Borůvka: O(log V) rounds × O(E) per round = O(E log V). Its real value is parallelism: each round's per-component minimum is an independent reduction.
Hybrid (Karger-Klein-Tarjan): mixing Borůvka contraction with random sampling gives expected linear time — covered in professional.md.

Best Practices¶

Pick the algorithm by density: Kruskal for sparse/edge-list, array-Prim for dense, Borůvka for parallel.
For "connect all points" with coordinates, recognize the dense complete graph and use array-Prim, not Kruskal over V² sorted edges.
For clustering, build the MST once and cut the k−1 heaviest edges — do not recluster from scratch.
Reuse a battle-tested Union-Find; do not hand-roll cycle detection with DFS in Kruskal (slower and bug-prone).
When asked for the bottleneck tree, remember any MST already is one.
Accumulate totals in 64-bit integers.

Visual Animation¶

See animation.html for an interactive visual animation.
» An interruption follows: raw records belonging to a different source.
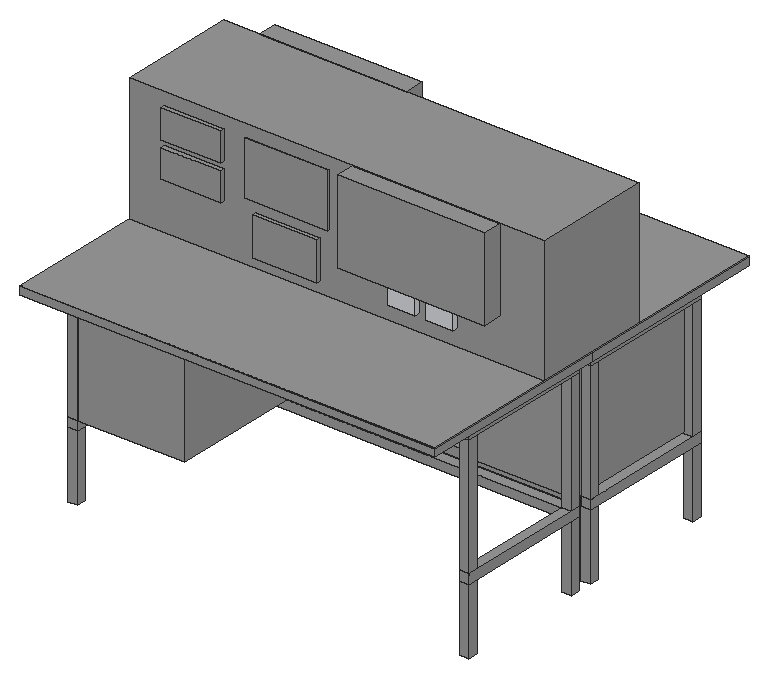
Revit family "ElectronicsBenchTopDouble", category Furniture, Revit 2025
Family settings
  OmniClass Number = 23.40.20.00
  OmniClass Title = General Furniture and Specialties
  Work Plane-Based = No
  Enable Cutting in Views = No
  Always vertical = Yes
  Cut with Voids When Loaded = No
  Render Appearance Source = Family Geometry
  Shared = No
  Room Calculation Point = No
Parameters
  Default Elevation = 0 mm
Reference planes
  plane 1 "FrontEdge": y = -845
  plane 2: z = 9.556
  plane 3 "Center (Left/Right)": x = 0
  plane 4: x = 1750
  plane 5: x = 150
  plane 6: x = 400
  plane 7: x = 492
  plane 8: x = 535
  plane 9: x = 805
  plane 10: x = 842
  plane 11: x = 942
  plane 12: x = 1562
  plane 13: z = 539.556
  plane 14 "Centreline": y = -20
  plane 15 "RearEdge": y = 805
  plane 16: z = 909.556
  plane 17 "RearConsole": y = 230
  plane 18 "FrontConsole": y = -270
Forms (mm)
  Extrusion 1, solid, not visible
    sketch origin (340.219, 0, -4.515) x (1, 0, 0) y (0, 0, 1)
      loop
        line (1166.781, -422.24) -> (1166.781, -497.24) -> (1281.781, -497.24) -> (1281.781, -422.24) -> (1166.781, -422.24)
    from 0 to 100
  Extrusion 2, void, not visible
    sketch origin (0, 0, -0.733) x (1, 0, 0) y (0, 0, 1)
      loop
        circle (1535.231, -463.13) r 15
      loop
        circle (1594.387, -462.957) r 15
    from 0 to 5
  Extrusion 3, solid, not visible
    sketch origin (180.219, 0, -4.515) x (1, 0, 0) y (0, 0, 1)
      loop
        line (1166.781, -422.24) -> (1166.781, -497.24) -> (1281.781, -497.24) -> (1281.781, -422.24) -> (1166.781, -422.24)
    from 0 to 100
  Extrusion 4, void, not visible
    sketch origin (-160, 0, -0.733) x (1, 0, 0) y (0, 0, 1)
      loop
        circle (1535.231, -463.13) r 15
      loop
        circle (1594.387, -462.957) r 15
    from 0 to 5
  Extrusion 5, solid, not visible
    sketch origin (97.34, 80, 567.327) x (1, 0, 0) y (0, 0, 1)
      loop
        line (1166.781, -422.24) -> (1166.781, -497.24) -> (1281.781, -497.24) -> (1281.781, -422.24) -> (1166.781, -422.24)
    from 0 to 100
  Extrusion 6, void, not visible
    sketch origin (-242.88, -20, 571.109) x (1, 0, 0) y (0, 0, 1)
      loop
        circle (1535.231, -463.13) r 15
      loop
        circle (1594.387, -462.957) r 15
    from 0 to 5
  Extrusion 7, solid, not visible
    sketch origin (-62.66, 80, 567.327) x (1, 0, 0) y (0, 0, 1)
      loop
        line (1166.781, -422.24) -> (1166.781, -497.24) -> (1281.781, -497.24) -> (1281.781, -422.24) -> (1166.781, -422.24)
    from 0 to 100
  Extrusion 8, void, not visible
    sketch origin (-402.88, -20, 571.109) x (1, 0, 0) y (0, 0, 1)
      loop
        circle (1535.231, -463.13) r 15
      loop
        circle (1594.387, -462.957) r 15
    from 0 to 5
  Extrusion 9, solid, material "Plywood, Side, 7 Ply", not visible
    sketch origin (829.616, -1903.81, 1413.477) x (1, 0, 0) y (0, 0, 1)
      loop
        line (-829.616, -130.888) -> (920.384, -130.888) -> (920.384, 399.112) -> (-829.616, 399.112) -> (-829.616, -130.888)
    from -350 to 250
  Extrusion 10, solid, material "Asphalt, Bitumen", not visible
    sketch origin (-0.384, -1903.81, 1272.588) x (1, 0, 0) y (0, 0, 1)
      loop
        line (942, 530) -> (942, 180) -> (1562, 180) -> (1562, 530) -> (942, 530)
    from 250 to 330
  Extrusion 11, solid, material "Asphalt, Bitumen", not visible
    sketch origin (-0.384, -1903.81, 1272.588) x (1, 0, 0) y (0, 0, 1)
      loop
        line (842, 480) -> (492, 480) -> (492, 253) -> (842, 253) -> (842, 480)
    from 150 to 255
  Extrusion 12, solid, material "Plastic, Formed", not visible
    sketch origin (-0.384, -1903.81, 1272.588) x (1, 0, 0) y (0, 0, 1)
      loop
        line (535, 210) -> (535, 50) -> (805, 50) -> (805, 210) -> (535, 210)
    from -35.942 to 270
  Extrusion 13, solid, material "Plastic, Formed", not visible
    sketch origin (-0.384, -1903.81, 1272.588) x (1, 0, 0) y (0, 0, 1)
      loop
        line (150, 480) -> (150, 360) -> (400, 360) -> (400, 480) -> (150, 480)
      loop
        line (150, 330) -> (150, 210) -> (400, 210) -> (400, 330) -> (150, 330)
    from 0 to 270
  Extrusion 14, solid, material "Asphalt, Bitumen", not visible
    sketch origin (1710.436, -1803.81, 1272.588) x (-1, 0, 0) y (0, 0, 1)
      loop
        line (942, 530) -> (942, 180) -> (1562, 180) -> (1562, 530) -> (942, 530)
    from 250 to 330
  Extrusion 15, solid, material "Asphalt, Bitumen", not visible
    sketch origin (1710.436, -1803.81, 1272.588) x (-1, 0, 0) y (0, 0, 1)
      loop
        line (842, 480) -> (492, 480) -> (492, 253) -> (842, 253) -> (842, 480)
    from 150 to 255
  Extrusion 16, solid, material "Plastic, Formed", not visible
    sketch origin (1710.436, -1803.81, 1272.588) x (-1, 0, 0) y (0, 0, 1)
      loop
        line (535, 210) -> (535, 50) -> (805, 50) -> (805, 210) -> (535, 210)
    from -35.942 to 270
  Extrusion 17, solid, material "Plastic, Formed", not visible
    sketch origin (1710.436, -1803.81, 1272.588) x (-1, 0, 0) y (0, 0, 1)
      loop
        line (150, 480) -> (150, 360) -> (400, 360) -> (400, 480) -> (150, 480)
      loop
        line (150, 330) -> (150, 210) -> (400, 210) -> (400, 330) -> (150, 330)
    from 0 to 270
  Extrusion 18, solid, not visible
    sketch origin (97.34, -2073.81, 1840.359) x (1, 0, 0) y (0, 0, 1)
      loop
        line (1166.781, -422.24) -> (1166.781, -497.24) -> (1281.781, -497.24) -> (1281.781, -422.24) -> (1166.781, -422.24)
    from 0 to 100
  Extrusion 19, void, not visible
    sketch origin (-242.88, -2173.81, 1844.141) x (1, 0, 0) y (0, 0, 1)
      loop
        circle (1535.231, -463.13) r 15
      loop
        circle (1594.387, -462.957) r 15
    from 0 to 5
  Extrusion 20, solid, not visible
    sketch origin (-62.66, -2073.81, 1840.359) x (1, 0, 0) y (0, 0, 1)
      loop
        line (1166.781, -422.24) -> (1166.781, -497.24) -> (1281.781, -497.24) -> (1281.781, -422.24) -> (1166.781, -422.24)
    from 0 to 100
  Extrusion 21, void, not visible
    sketch origin (-402.88, -2173.81, 1844.141) x (1, 0, 0) y (0, 0, 1)
      loop
        circle (1535.231, -463.13) r 15
      loop
        circle (1594.387, -462.957) r 15
    from 0 to 5
  Extrusion 22, solid, not visible
    sketch origin (1584.862, -1633.81, 1840.359) x (-1, 0, 0) y (0, 0, 1)
      loop
        line (1166.781, -422.24) -> (1166.781, -497.24) -> (1281.781, -497.24) -> (1281.781, -422.24) -> (1166.781, -422.24)
    from 0 to 100
  Extrusion 23, void, not visible
    sketch origin (1925.082, -1533.81, 1844.141) x (-1, 0, 0) y (0, 0, 1)
      loop
        circle (1535.231, -463.13) r 15
      loop
        circle (1594.387, -462.957) r 15
    from 0 to 5
  Extrusion 24, solid, not visible
    sketch origin (1744.862, -1633.81, 1840.359) x (-1, 0, 0) y (0, 0, 1)
      loop
        line (1166.781, -422.24) -> (1166.781, -497.24) -> (1281.781, -497.24) -> (1281.781, -422.24) -> (1166.781, -422.24)
    from 0 to 100
  Extrusion 25, void, not visible
    sketch origin (2085.082, -1533.81, 1844.141) x (-1, 0, 0) y (0, 0, 1)
      loop
        circle (1535.231, -463.13) r 15
      loop
        circle (1594.387, -462.957) r 15
    from 0 to 5
Dimensions and locks
  plane 14 "Centreline" to plane 1 "FrontEdge" = 825 mm
  nested 2 to plane 15 "RearEdge" = 825 mm
  plane 17 "RearConsole" to plane 15 "RearEdge" = 575 mm
  plane 14 "Centreline" to plane 18 "FrontConsole" to plane 1 "FrontEdge" = 250 mm, 575 mm
  plane 17 "RearConsole" to plane 14 "Centreline" = 250 mm
  aligned and locked: level to plane 2
Nested families
  nested 1: "SmallBench" at (0, -20, 9.556), type "SmallBench"
  nested 2: "SmallBench" at (1750, -20, 9.556) x (-1, 0, 0) z (0, 0, 1), type "SmallBench"
  nested 3: "ElectronicsBenchTop" at (0, -14.058, 909.556), type "ElectronicsBenchTop"
Definition of nested family "SmallBench"
  Parameters
    Default Elevation = 0 mm
  Reference planes
    plane 1 "CentreLong": y = 0
    plane 2: z = 0
    plane 3 "LeftEdge": x = 0
    plane 4 "FrontEdge": y = -825
    plane 5 "RightEdge": x = 1750
    plane 6 "DrawerFront": y = -610
    plane 7 "LeftSupport": x = 50
    plane 8 "BenchTop": z = 900
    plane 9 "BenchBottom": z = 865
    plane 10 "RightSupport": x = 1700
    plane 11 "BackSupport": y = -50
    plane 12 "DrawerInner": x = 520
  Forms (mm)
    Extrusion 1, solid
      sketch origin (0, 0, 0) x (1, 0, 0) y (0, 1, 0)
        loop
          line (0, 0) -> (0, -825) -> (1750, -825) -> (1750, 0) -> (0, 0)
      from 865 to 898
    Extrusion 2, solid
      sketch origin (1780, -548.097, 0) x (1, 0, 0) y (0, 1, 0)
        loop
          line (-100, 518.097) -> (-100, 478.097) -> (-60, 478.097) -> (-60, 518.097) -> (-100, 518.097)
      from 0 to 825
    Extrusion 3, solid
      sketch origin (1780, -1115, 0) x (1, 0, 0) y (0, 1, 0)
        loop
          line (-100, 545) -> (-100, 505) -> (-60, 505) -> (-60, 545) -> (-100, 545)
      from 0 to 825
    Extrusion 4, solid
      sketch origin (-700, -140, 0) x (1, 0, 0) y (0, 1, 0)
        loop
          line (2380, 110) -> (2380, -470) -> (2420, -470) -> (2420, 110) -> (2400, 110) -> (2380, 110)
      from 825 to 865
    Extrusion 5, solid
      sketch origin (-700, -180, 0) x (1, 0, 0) y (0, 1, 0)
        loop
          line (2380, 150) -> (2380, -430) -> (2420, -430) -> (2420, 150) -> (2380, 150)
      from 280 to 320
    Extrusion 6, solid
      sketch origin (0, 0, 0) x (1, 0, 0) y (0, 1, 0)
        loop
          line (70, 0) -> (70, -610) -> (520, -610) -> (520, 0) -> (70, 0)
      from 320 to 865
    Extrusion 7, solid, not visible
      sketch origin (1780, -548.097, 0) x (1, 0, 0) y (0, 1, 0)
        loop
          line (-100, 518.097) -> (-100, 478.097) -> (-60, 478.097) -> (-60, 518.097) -> (-100, 518.097)
      from 0 to 825
    Extrusion 8, solid, not visible
      sketch origin (1780, -1115, 0) x (1, 0, 0) y (0, 1, 0)
        loop
          line (-100, 545) -> (-100, 505) -> (-60, 505) -> (-60, 545) -> (-100, 545)
      from 0 to 825
    Extrusion 9, solid, not visible
      sketch origin (-700, -140, 0) x (1, 0, 0) y (0, 1, 0)
        loop
          line (2380, 110) -> (2380, -470) -> (2420, -470) -> (2420, 110) -> (2400, 110) -> (2380, 110)
      from 825 to 865
    Extrusion 10, solid, not visible
      sketch origin (-700, -180, 0) x (1, 0, 0) y (0, 1, 0)
        loop
          line (2380, 150) -> (2380, -430) -> (2420, -430) -> (2420, 150) -> (2380, 150)
      from 280 to 320
    Extrusion 11, solid
      sketch origin (130, -548.097, 0) x (1, 0, 0) y (0, 1, 0)
        loop
          line (-100, 518.097) -> (-100, 478.097) -> (-60, 478.097) -> (-60, 518.097) -> (-100, 518.097)
      from 0 to 825
    Extrusion 12, solid
      sketch origin (130, -1115, 0) x (1, 0, 0) y (0, 1, 0)
        loop
          line (-100, 545) -> (-100, 505) -> (-60, 505) -> (-60, 545) -> (-100, 545)
      from 0 to 825
    Extrusion 13, solid
      sketch origin (-2350, -140, 0) x (1, 0, 0) y (0, 1, 0)
        loop
          line (2380, 110) -> (2380, -470) -> (2420, -470) -> (2420, 110) -> (2400, 110) -> (2380, 110)
      from 825 to 865
    Extrusion 14, solid
      sketch origin (-2350, -180, 0) x (1, 0, 0) y (0, 1, 0)
        loop
          line (2380, 150) -> (2380, -430) -> (2420, -430) -> (2420, 150) -> (2380, 150)
      from 280 to 320
    Extrusion 15, solid
      sketch origin (0, 0, -200) x (0, 1, 0) y (0, 0, 1)
        loop
          line (-30, 520) -> (-70, 520) -> (-70, 480) -> (-30, 480) -> (-30, 520)
      from 70 to 1680
    Extrusion 16, solid
      sketch origin (0, 0, 465) x (0, 1, 0) y (0, 0, 1)
        loop
          line (-30, 400) -> (-70, 400) -> (-70, 360) -> (-30, 360) -> (-30, 400)
      from 70 to 1680
    Extrusion 17, solid
      sketch origin (0, 0, 0) x (1, 0, 0) y (0, 1, 0)
        loop
          line (0, 0) -> (0, -825) -> (1750, -825) -> (1750, 0) -> (0, 0)
      from 898 to 900
  Dimensions and locks
    plane 3 "LeftEdge" to plane 5 "RightEdge" = 1750 mm
    plane 12 "DrawerInner" to Extrusion 3 = 1160 mm
    plane 8 "BenchTop" to level = 900 mm
    plane 5 "RightEdge" to plane 3 "LeftEdge" = 1750 mm
    Extrusion 6 to Extrusion 12 = 450 mm
    Extrusion 13 to Extrusion 6 = 450 mm
    Extrusion 6 to Extrusion 4 = 1160 mm
    aligned and locked: level to plane 2
Definition of nested family "ElectronicsBenchTop"
  Parameters
    Default Elevation = 0 mm
  Reference planes
    plane 1 "Front Face": y = -255.942
    plane 2: z = 0
    plane 3 "Left": x = 0
    plane 4 "Right": x = 1750
    plane 5: x = 150
    plane 6: x = 400
    plane 7: x = 492
    plane 8: x = 535
    plane 9: x = 805
    plane 10: x = 842
    plane 11: x = 942
    plane 12: x = 1562
    plane 13 "Centreline": y = -5.942
    plane 14: z = 0
    plane 15 "Top": z = 530
    plane 16: y = 244.058
  Forms (mm)
    Extrusion 1, solid
      sketch origin (829.616, -5.942, 120.888) x (1, 0, 0) y (0, 0, 1)
        loop
          line (-829.616, -120.888) -> (920.384, -120.888) -> (920.384, 409.112) -> (-829.616, 409.112) -> (-829.616, -120.888)
      from -250 to 250
    Extrusion 2, solid
      sketch origin (-0.384, -5.942, 0) x (1, 0, 0) y (0, 0, 1)
        loop
          line (942, 530) -> (942, 180) -> (1562, 180) -> (1562, 530) -> (942, 530)
      from 250 to 330
    Extrusion 3, solid
      sketch origin (-0.384, -5.942, 0) x (1, 0, 0) y (0, 0, 1)
        loop
          line (842, 480) -> (492, 480) -> (492, 253) -> (842, 253) -> (842, 480)
      from 150 to 255
    Extrusion 4, solid
      sketch origin (-0.384, -5.942, 0) x (1, 0, 0) y (0, 0, 1)
        loop
          line (535, 210) -> (535, 50) -> (805, 50) -> (805, 210) -> (535, 210)
      from -35.942 to 270
    Extrusion 5, solid
      sketch origin (-0.384, -5.942, 0) x (1, 0, 0) y (0, 0, 1)
        loop
          line (150, 480) -> (150, 360) -> (400, 360) -> (400, 480) -> (150, 480)
        loop
          line (150, 330) -> (150, 210) -> (400, 210) -> (400, 330) -> (150, 330)
      from 0 to 270
    Extrusion 6, solid
      sketch origin (1710.436, -5.942, 0) x (-1, 0, 0) y (0, 0, 1)
        loop
          line (942, 530) -> (942, 180) -> (1562, 180) -> (1562, 530) -> (942, 530)
      from 250 to 330
    Extrusion 7, solid
      sketch origin (1710.436, -5.942, 0) x (-1, 0, 0) y (0, 0, 1)
        loop
          line (842, 480) -> (492, 480) -> (492, 253) -> (842, 253) -> (842, 480)
      from 150 to 255
    Extrusion 8, solid
      sketch origin (1710.436, -5.942, 0) x (-1, 0, 0) y (0, 0, 1)
        loop
          line (535, 210) -> (535, 50) -> (805, 50) -> (805, 210) -> (535, 210)
      from -35.942 to 270
    Extrusion 9, solid
      sketch origin (1710.436, -5.942, 0) x (-1, 0, 0) y (0, 0, 1)
        loop
          line (150, 480) -> (150, 360) -> (400, 360) -> (400, 480) -> (150, 480)
        loop
          line (150, 330) -> (150, 210) -> (400, 210) -> (400, 330) -> (150, 330)
      from 0 to 270
    Extrusion 10, solid
      sketch origin (97.34, -175.942, 567.771) x (1, 0, 0) y (0, 0, 1)
        loop
          line (1166.781, -422.24) -> (1166.781, -497.24) -> (1281.781, -497.24) -> (1281.781, -422.24) -> (1166.781, -422.24)
      from 0 to 100
    Extrusion 11, void
      sketch origin (-242.88, -275.942, 571.553) x (1, 0, 0) y (0, 0, 1)
        loop
          circle (1535.231, -463.13) r 15
        loop
          circle (1594.387, -462.957) r 15
      from 0 to 5
    Extrusion 12, solid
      sketch origin (-62.66, -175.942, 567.771) x (1, 0, 0) y (0, 0, 1)
        loop
          line (1166.781, -422.24) -> (1166.781, -497.24) -> (1281.781, -497.24) -> (1281.781, -422.24) -> (1166.781, -422.24)
      from 0 to 100
    Extrusion 13, void
      sketch origin (-402.88, -275.942, 571.553) x (1, 0, 0) y (0, 0, 1)
        loop
          circle (1535.231, -463.13) r 15
        loop
          circle (1594.387, -462.957) r 15
      from 0 to 5
    Extrusion 14, solid, not visible
      sketch origin (340.219, 0, -4.515) x (1, 0, 0) y (0, 0, 1)
        loop
          line (1166.781, -422.24) -> (1166.781, -497.24) -> (1281.781, -497.24) -> (1281.781, -422.24) -> (1166.781, -422.24)
      from 0 to 100
    Extrusion 15, void, not visible
      sketch origin (0, 0, -0.733) x (1, 0, 0) y (0, 0, 1)
        loop
          circle (1535.231, -463.13) r 15
        loop
          circle (1594.387, -462.957) r 15
      from 0 to 5
    Extrusion 16, solid, not visible
      sketch origin (180.219, 0, -4.515) x (1, 0, 0) y (0, 0, 1)
        loop
          line (1166.781, -422.24) -> (1166.781, -497.24) -> (1281.781, -497.24) -> (1281.781, -422.24) -> (1166.781, -422.24)
      from 0 to 100
    Extrusion 17, void, not visible
      sketch origin (-160, 0, -0.733) x (1, 0, 0) y (0, 0, 1)
        loop
          circle (1535.231, -463.13) r 15
        loop
          circle (1594.387, -462.957) r 15
      from 0 to 5
    Extrusion 18, solid
      sketch origin (1584.862, 164.058, 567.771) x (-1, 0, 0) y (0, 0, 1)
        loop
          line (1166.781, -422.24) -> (1166.781, -497.24) -> (1281.781, -497.24) -> (1281.781, -422.24) -> (1166.781, -422.24)
      from 0 to 100
    Extrusion 19, void
      sketch origin (1925.082, 264.058, 571.553) x (-1, 0, 0) y (0, 0, 1)
        loop
          circle (1535.231, -463.13) r 15
        loop
          circle (1594.387, -462.957) r 15
      from 0 to 5
    Extrusion 20, solid
      sketch origin (1744.862, 164.058, 567.771) x (-1, 0, 0) y (0, 0, 1)
        loop
          line (1166.781, -422.24) -> (1166.781, -497.24) -> (1281.781, -497.24) -> (1281.781, -422.24) -> (1166.781, -422.24)
      from 0 to 100
    Extrusion 21, void
      sketch origin (2085.082, 264.058, 571.553) x (-1, 0, 0) y (0, 0, 1)
        loop
          circle (1535.231, -463.13) r 15
        loop
          circle (1594.387, -462.957) r 15
      from 0 to 5
    Extrusion 22, solid, not visible
      sketch origin (97.34, 80, 567.327) x (1, 0, 0) y (0, 0, 1)
        loop
          line (1166.781, -422.24) -> (1166.781, -497.24) -> (1281.781, -497.24) -> (1281.781, -422.24) -> (1166.781, -422.24)
      from 0 to 100
    Extrusion 23, void, not visible
      sketch origin (-242.88, -20, 571.109) x (1, 0, 0) y (0, 0, 1)
        loop
          circle (1535.231, -463.13) r 15
        loop
          circle (1594.387, -462.957) r 15
      from 0 to 5
    Extrusion 24, solid, not visible
      sketch origin (-62.66, 80, 567.327) x (1, 0, 0) y (0, 0, 1)
        loop
          line (1166.781, -422.24) -> (1166.781, -497.24) -> (1281.781, -497.24) -> (1281.781, -422.24) -> (1166.781, -422.24)
      from 0 to 100
    Extrusion 25, void, not visible
      sketch origin (-402.88, -20, 571.109) x (1, 0, 0) y (0, 0, 1)
        loop
          circle (1535.231, -463.13) r 15
        loop
          circle (1594.387, -462.957) r 15
      from 0 to 5
    Extrusion 26, solid, not visible
      sketch origin (829.616, -1903.81, 1413.477) x (1, 0, 0) y (0, 0, 1)
        loop
          line (-829.616, -130.888) -> (920.384, -130.888) -> (920.384, 399.112) -> (-829.616, 399.112) -> (-829.616, -130.888)
      from -350 to 250
    Extrusion 27, solid, not visible
      sketch origin (-0.384, -1903.81, 1272.588) x (1, 0, 0) y (0, 0, 1)
        loop
          line (942, 530) -> (942, 180) -> (1562, 180) -> (1562, 530) -> (942, 530)
      from 250 to 330
    Extrusion 28, solid, not visible
      sketch origin (-0.384, -1903.81, 1272.588) x (1, 0, 0) y (0, 0, 1)
        loop
          line (842, 480) -> (492, 480) -> (492, 253) -> (842, 253) -> (842, 480)
      from 150 to 255
    Extrusion 29, solid, not visible
      sketch origin (-0.384, -1903.81, 1272.588) x (1, 0, 0) y (0, 0, 1)
        loop
          line (535, 210) -> (535, 50) -> (805, 50) -> (805, 210) -> (535, 210)
      from -35.942 to 270
    Extrusion 30, solid, not visible
      sketch origin (-0.384, -1903.81, 1272.588) x (1, 0, 0) y (0, 0, 1)
        loop
          line (150, 480) -> (150, 360) -> (400, 360) -> (400, 480) -> (150, 480)
        loop
          line (150, 330) -> (150, 210) -> (400, 210) -> (400, 330) -> (150, 330)
      from 0 to 270
    Extrusion 31, solid, not visible
      sketch origin (1710.436, -1803.81, 1272.588) x (-1, 0, 0) y (0, 0, 1)
        loop
          line (942, 530) -> (942, 180) -> (1562, 180) -> (1562, 530) -> (942, 530)
      from 250 to 330
    Extrusion 32, solid, not visible
      sketch origin (1710.436, -1803.81, 1272.588) x (-1, 0, 0) y (0, 0, 1)
        loop
          line (842, 480) -> (492, 480) -> (492, 253) -> (842, 253) -> (842, 480)
      from 150 to 255
    Extrusion 33, solid, not visible
      sketch origin (1710.436, -1803.81, 1272.588) x (-1, 0, 0) y (0, 0, 1)
        loop
          line (535, 210) -> (535, 50) -> (805, 50) -> (805, 210) -> (535, 210)
      from -35.942 to 270
    Extrusion 34, solid, not visible
      sketch origin (1710.436, -1803.81, 1272.588) x (-1, 0, 0) y (0, 0, 1)
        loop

The animation demonstrates: - Kruskal: sorted edges, component coloring via Union-Find, accept/reject decisions - Prim: the growing tree and the crossing-edge priority queue - The running MST total and the V−1 stopping condition - A toggle to compare both algorithms on the same graph

Summary¶

The MST's correctness comes entirely from two theorems: the cut property (the lightest edge crossing any cut where the current forest has no crossing edge is safe to add) and the cycle property (the strictly heaviest edge on any cycle is in no MST). Kruskal, Prim, and Borůvka are three scheduling strategies over these rules — choose by density (Kruskal sparse, array-Prim dense, Borůvka parallel). The same machinery generalizes to spanning forests on disconnected graphs, the second-best MST via tree-path max-edge swaps, uniqueness testing, maximum and bottleneck spanning trees (every MST is an MBST), and powers applications from single-linkage clustering (cut the heaviest MST edges) to the metric-TSP 2-approximation (DFS-walk the MST).